*YOUR INSTRUCTIONS*.
Go to the line holding "#12057 = ( GEOMETRIC_REPRESENTATION_CONTEXT(2)" in the entries below and write out exactly every line down to and including the line holding "#12063 = DIRECTION('',(0.,0.,1.));".

*Data items*.
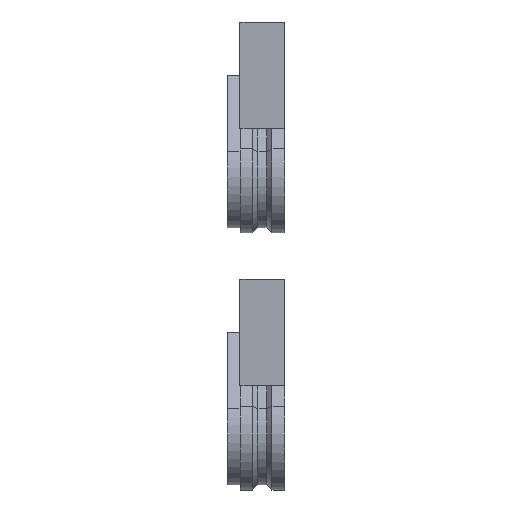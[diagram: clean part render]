
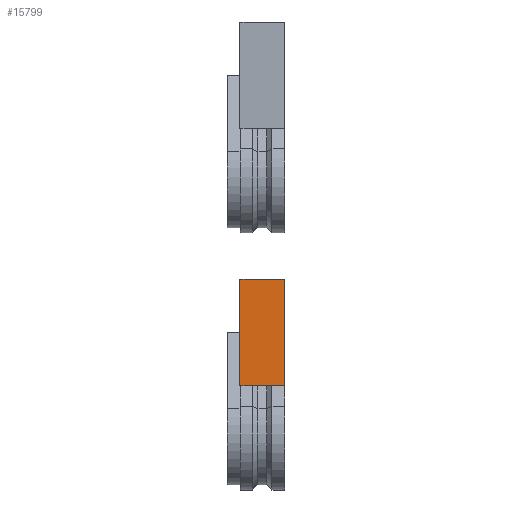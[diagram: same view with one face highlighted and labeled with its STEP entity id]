
A CAD part, left-side view. The second image highlights one B-rep face of the part: STEP entity #15799.
In plain terms, the highlighted planar face has unit normal (-1, 0, 0).
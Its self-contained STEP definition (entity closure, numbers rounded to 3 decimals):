
#11456 = PLANE('',#11457);
#11457 = AXIS2_PLACEMENT_3D('',#11458,#11459,#11460);
#11458 = CARTESIAN_POINT('',(-12.,25.,-12.5));
#11459 = DIRECTION('',(0.,1.,0.));
#11460 = DIRECTION('',(1.,0.,-0.));
#12016 = VERTEX_POINT('',#12017);
#12017 = CARTESIAN_POINT('',(-16.35,25.,-8.748));
#12031 = PLANE('',#12032);
#12032 = AXIS2_PLACEMENT_3D('',#12033,#12034,#12035);
#12033 = CARTESIAN_POINT('',(-16.35,25.,-8.748));
#12034 = DIRECTION('',(0.,0.,1.));
#12035 = DIRECTION('',(1.,0.,-0.));
#12043 = EDGE_CURVE('',#12044,#12016,#12046,.T.);
#12044 = VERTEX_POINT('',#12045);
#12045 = CARTESIAN_POINT('',(-16.35,25.,-0.448));
#12046 = SURFACE_CURVE('',#12047,(#12051,#12058),.PCURVE_S1.);
#12047 = LINE('',#12048,#12049);
#12048 = CARTESIAN_POINT('',(-16.35,25.,-0.448));
#12049 = VECTOR('',#12050,1.);
#12050 = DIRECTION('',(0.,0.,-1.));
#12051 = PCURVE('',#11456,#12052);
#12052 = DEFINITIONAL_REPRESENTATION('',(#12053),#12057);
#12053 = LINE('',#12054,#12055);
#12054 = CARTESIAN_POINT('',(-4.35,-12.052));
#12055 = VECTOR('',#12056,1.);
#12056 = DIRECTION('',(0.,1.));
#12057 = ( GEOMETRIC_REPRESENTATION_CONTEXT(2) 
PARAMETRIC_REPRESENTATION_CONTEXT() REPRESENTATION_CONTEXT('2D SPACE',''
  ) );
#12058 = PCURVE('',#12059,#12064);
#12059 = PLANE('',#12060);
#12060 = AXIS2_PLACEMENT_3D('',#12061,#12062,#12063);
#12061 = CARTESIAN_POINT('',(-16.35,25.,-8.748));
#12062 = DIRECTION('',(1.,0.,-0.));
#12063 = DIRECTION('',(0.,0.,1.));
#12064 = DEFINITIONAL_REPRESENTATION('',(#12065),#12069);
#12065 = LINE('',#12066,#12067);
#12066 = CARTESIAN_POINT('',(8.3,0.));
#12067 = VECTOR('',#12068,1.);
#12068 = DIRECTION('',(-1.,0.));
#12069 = ( GEOMETRIC_REPRESENTATION_CONTEXT(2) 
PARAMETRIC_REPRESENTATION_CONTEXT() REPRESENTATION_CONTEXT('2D SPACE',''
  ) );
#12087 = PLANE('',#12088);
#12088 = AXIS2_PLACEMENT_3D('',#12089,#12090,#12091);
#12089 = CARTESIAN_POINT('',(-16.35,25.,-0.448));
#12090 = DIRECTION('',(0.,0.,1.));
#12091 = DIRECTION('',(1.,0.,-0.));
#12174 = PLANE('',#12175);
#12175 = AXIS2_PLACEMENT_3D('',#12176,#12177,#12178);
#12176 = CARTESIAN_POINT('',(-9.85,28.5,-8.748));
#12177 = DIRECTION('',(-0.,1.,0.));
#12178 = DIRECTION('',(0.,0.,1.));
#13186 = VERTEX_POINT('',#13187);
#13187 = CARTESIAN_POINT('',(-16.35,28.5,-8.748));
#13208 = EDGE_CURVE('',#13186,#13209,#13211,.T.);
#13209 = VERTEX_POINT('',#13210);
#13210 = CARTESIAN_POINT('',(-16.35,28.5,-0.448));
#13211 = SURFACE_CURVE('',#13212,(#13216,#13223),.PCURVE_S1.);
#13212 = LINE('',#13213,#13214);
#13213 = CARTESIAN_POINT('',(-16.35,28.5,-8.748));
#13214 = VECTOR('',#13215,1.);
#13215 = DIRECTION('',(0.,0.,1.));
#13216 = PCURVE('',#12174,#13217);
#13217 = DEFINITIONAL_REPRESENTATION('',(#13218),#13222);
#13218 = LINE('',#13219,#13220);
#13219 = CARTESIAN_POINT('',(0.,-6.5));
#13220 = VECTOR('',#13221,1.);
#13221 = DIRECTION('',(1.,0.));
#13222 = ( GEOMETRIC_REPRESENTATION_CONTEXT(2) 
PARAMETRIC_REPRESENTATION_CONTEXT() REPRESENTATION_CONTEXT('2D SPACE',''
  ) );
#13223 = PCURVE('',#12059,#13224);
#13224 = DEFINITIONAL_REPRESENTATION('',(#13225),#13229);
#13225 = LINE('',#13226,#13227);
#13226 = CARTESIAN_POINT('',(0.,-3.5));
#13227 = VECTOR('',#13228,1.);
#13228 = DIRECTION('',(1.,0.));
#13229 = ( GEOMETRIC_REPRESENTATION_CONTEXT(2) 
PARAMETRIC_REPRESENTATION_CONTEXT() REPRESENTATION_CONTEXT('2D SPACE',''
  ) );
#15776 = EDGE_CURVE('',#12044,#13209,#15777,.T.);
#15777 = SURFACE_CURVE('',#15778,(#15782,#15789),.PCURVE_S1.);
#15778 = LINE('',#15779,#15780);
#15779 = CARTESIAN_POINT('',(-16.35,25.,-0.448));
#15780 = VECTOR('',#15781,1.);
#15781 = DIRECTION('',(-0.,1.,0.));
#15782 = PCURVE('',#12087,#15783);
#15783 = DEFINITIONAL_REPRESENTATION('',(#15784),#15788);
#15784 = LINE('',#15785,#15786);
#15785 = CARTESIAN_POINT('',(0.,0.));
#15786 = VECTOR('',#15787,1.);
#15787 = DIRECTION('',(0.,1.));
#15788 = ( GEOMETRIC_REPRESENTATION_CONTEXT(2) 
PARAMETRIC_REPRESENTATION_CONTEXT() REPRESENTATION_CONTEXT('2D SPACE',''
  ) );
#15789 = PCURVE('',#12059,#15790);
#15790 = DEFINITIONAL_REPRESENTATION('',(#15791),#15795);
#15791 = LINE('',#15792,#15793);
#15792 = CARTESIAN_POINT('',(8.3,0.));
#15793 = VECTOR('',#15794,1.);
#15794 = DIRECTION('',(0.,-1.));
#15795 = ( GEOMETRIC_REPRESENTATION_CONTEXT(2) 
PARAMETRIC_REPRESENTATION_CONTEXT() REPRESENTATION_CONTEXT('2D SPACE',''
  ) );
#15799 = ADVANCED_FACE('',(#15800),#12059,.F.);
#15800 = FACE_BOUND('',#15801,.F.);
#15801 = EDGE_LOOP('',(#15802,#15823,#15824,#15825));
#15802 = ORIENTED_EDGE('',*,*,#15803,.T.);
#15803 = EDGE_CURVE('',#12016,#13186,#15804,.T.);
#15804 = SURFACE_CURVE('',#15805,(#15809,#15816),.PCURVE_S1.);
#15805 = LINE('',#15806,#15807);
#15806 = CARTESIAN_POINT('',(-16.35,25.,-8.748));
#15807 = VECTOR('',#15808,1.);
#15808 = DIRECTION('',(-0.,1.,0.));
#15809 = PCURVE('',#12059,#15810);
#15810 = DEFINITIONAL_REPRESENTATION('',(#15811),#15815);
#15811 = LINE('',#15812,#15813);
#15812 = CARTESIAN_POINT('',(0.,0.));
#15813 = VECTOR('',#15814,1.);
#15814 = DIRECTION('',(0.,-1.));
#15815 = ( GEOMETRIC_REPRESENTATION_CONTEXT(2) 
PARAMETRIC_REPRESENTATION_CONTEXT() REPRESENTATION_CONTEXT('2D SPACE',''
  ) );
#15816 = PCURVE('',#12031,#15817);
#15817 = DEFINITIONAL_REPRESENTATION('',(#15818),#15822);
#15818 = LINE('',#15819,#15820);
#15819 = CARTESIAN_POINT('',(0.,0.));
#15820 = VECTOR('',#15821,1.);
#15821 = DIRECTION('',(0.,1.));
#15822 = ( GEOMETRIC_REPRESENTATION_CONTEXT(2) 
PARAMETRIC_REPRESENTATION_CONTEXT() REPRESENTATION_CONTEXT('2D SPACE',''
  ) );
#15823 = ORIENTED_EDGE('',*,*,#13208,.T.);
#15824 = ORIENTED_EDGE('',*,*,#15776,.F.);
#15825 = ORIENTED_EDGE('',*,*,#12043,.T.);

*OUTPUT BELOW*.
#12057 = ( GEOMETRIC_REPRESENTATION_CONTEXT(2) 
PARAMETRIC_REPRESENTATION_CONTEXT() REPRESENTATION_CONTEXT('2D SPACE',''
  ) );
#12058 = PCURVE('',#12059,#12064);
#12059 = PLANE('',#12060);
#12060 = AXIS2_PLACEMENT_3D('',#12061,#12062,#12063);
#12061 = CARTESIAN_POINT('',(-16.35,25.,-8.748));
#12062 = DIRECTION('',(1.,0.,-0.));
#12063 = DIRECTION('',(0.,0.,1.));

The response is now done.